The following exit values shall be returned:
- 0
- Successful completion.
- >0
- An error occurred.
Default.
The following sections are informative.
Note that, for security reasons, many installations limit the list of commands
executable on behalf of an incoming request from
uux. Many sites permit
little more than the receipt of mail via
uux.
Any characters special to the command interpreter should be quoted either by
quoting the entire
command-string or quoting the special characters as
individual arguments.
As noted in
uucp, shell pattern matching notation characters appearing in
pathnames are expanded on the appropriate local system. This is done under the
control of local settings of
LC_COLLATE and
LC_CTYPE .
Thus, care should be taken when using bracketed filename patterns, as
collation and typing rules may vary from one system to another. Also be aware
that certain types of expression (that is, equivalence classes, character
classes, and collating symbols) need not be supported on non-internationalized
systems.
- 1.
- The following command gets file1 from system
a and file2 from system b, executes diff on
the local system, and puts the results in file.diff in the local
PUBDIR directory. ( PUBDIR is the uucp public
directory on the local system.)
uux "!diff a!/usr/file1 b!/a4/file2 >!~/file.diff"
- 2.
- The following command fails because uux places all
files copied to a system in the same working directory.

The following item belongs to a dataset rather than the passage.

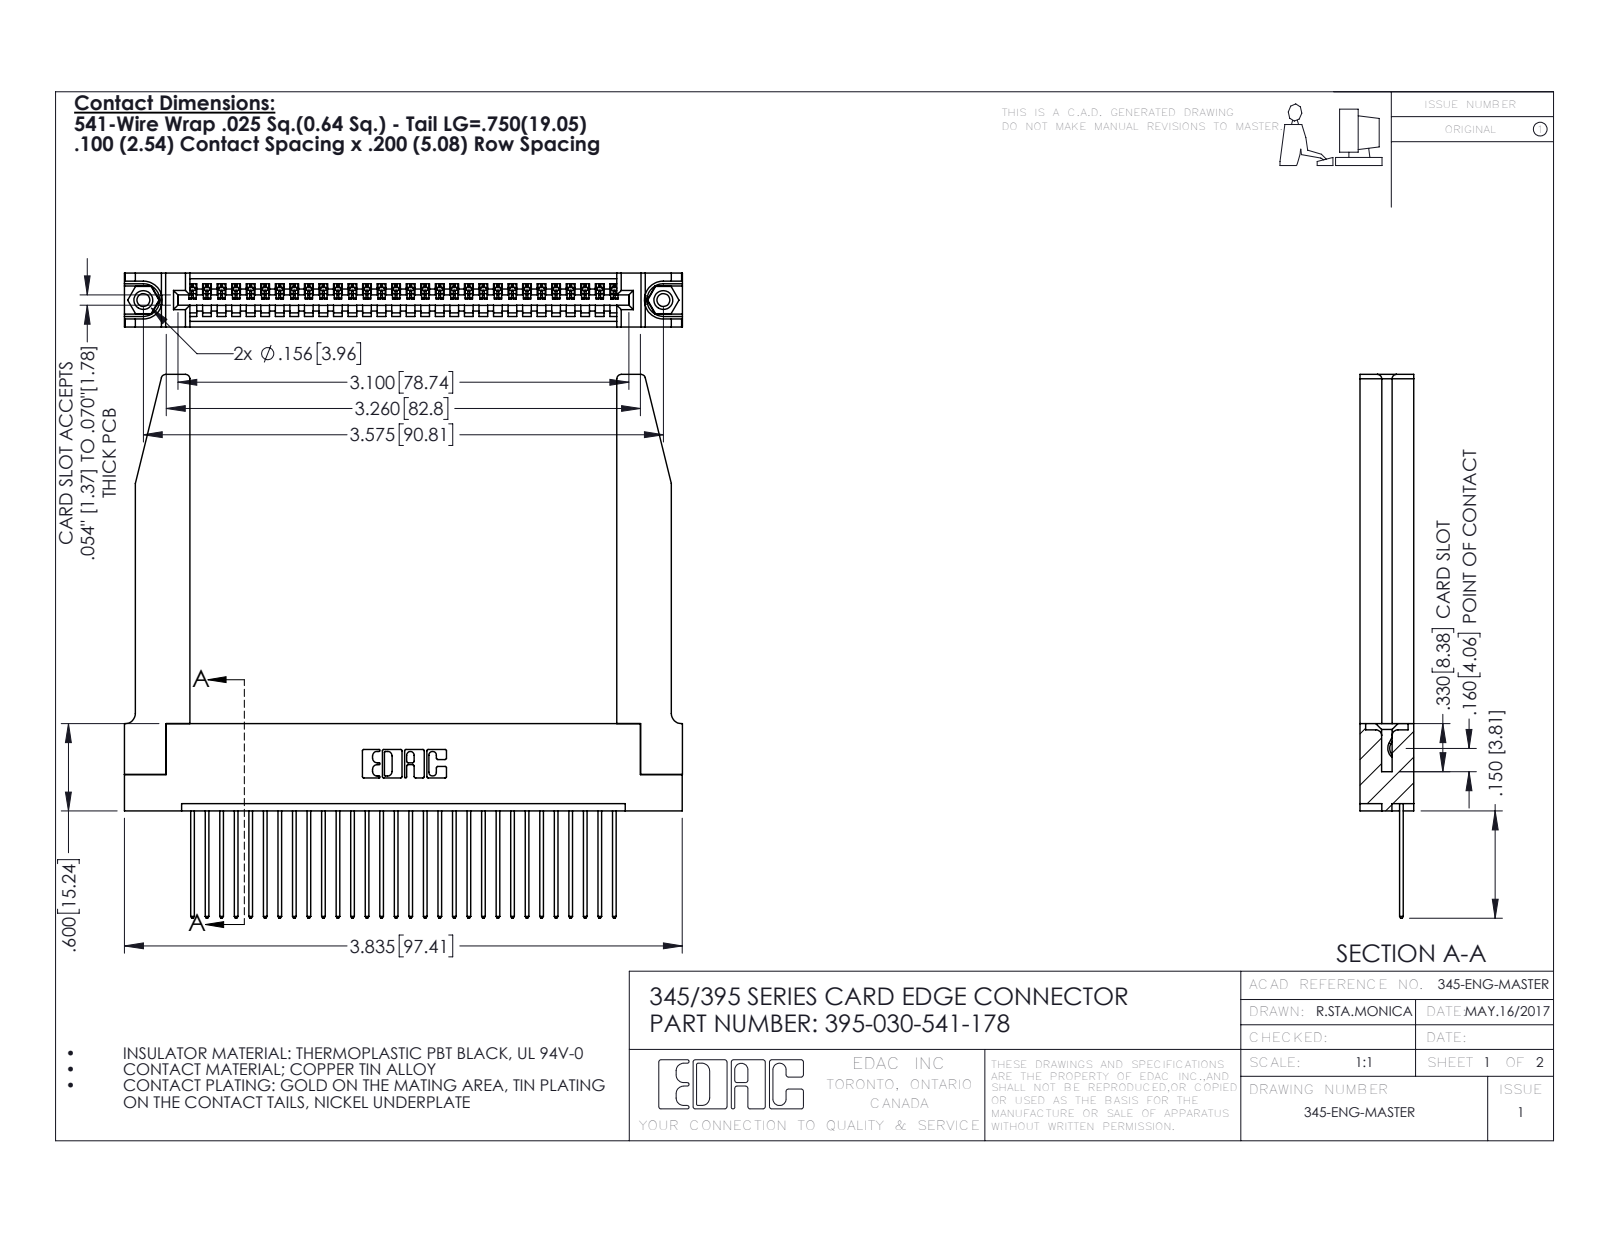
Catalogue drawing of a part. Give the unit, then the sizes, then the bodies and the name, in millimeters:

Although the files
xyz are from two different systems, their filenames are the same
and conflict.
uux "!diff a!/usr1/xyz b!/usr2/xyz >!~/xyz.diff"
- 3.
- The following command succeeds (assuming diff is
permitted on system a) because the file local to system a is
not copied to the working directory, and hence does not conflict with the
file from system c.
uux "a!diff a!/usr/xyz c!/usr/xyz >!~/xyz.diff"
None.
None.
Shell Command Language ,
uucp ,
uuencode ,
uustat
Portions of this text are reprinted and reproduced in electronic form from IEEE
Std 1003.1, 2003 Edition, Standard for Information Technology -- Portable
Operating System Interface (POSIX), The Open Group Base Specifications Issue
6, Copyright (C) 2001-2003 by the Institute of Electrical and Electronics
Engineers, Inc and The Open Group. In the event of any discrepancy between
this version and the original IEEE and The Open Group Standard, the original
IEEE and The Open Group Standard is the referee document. The original
Standard can be obtained online at http://www.opengroup.org/unix/online.html
.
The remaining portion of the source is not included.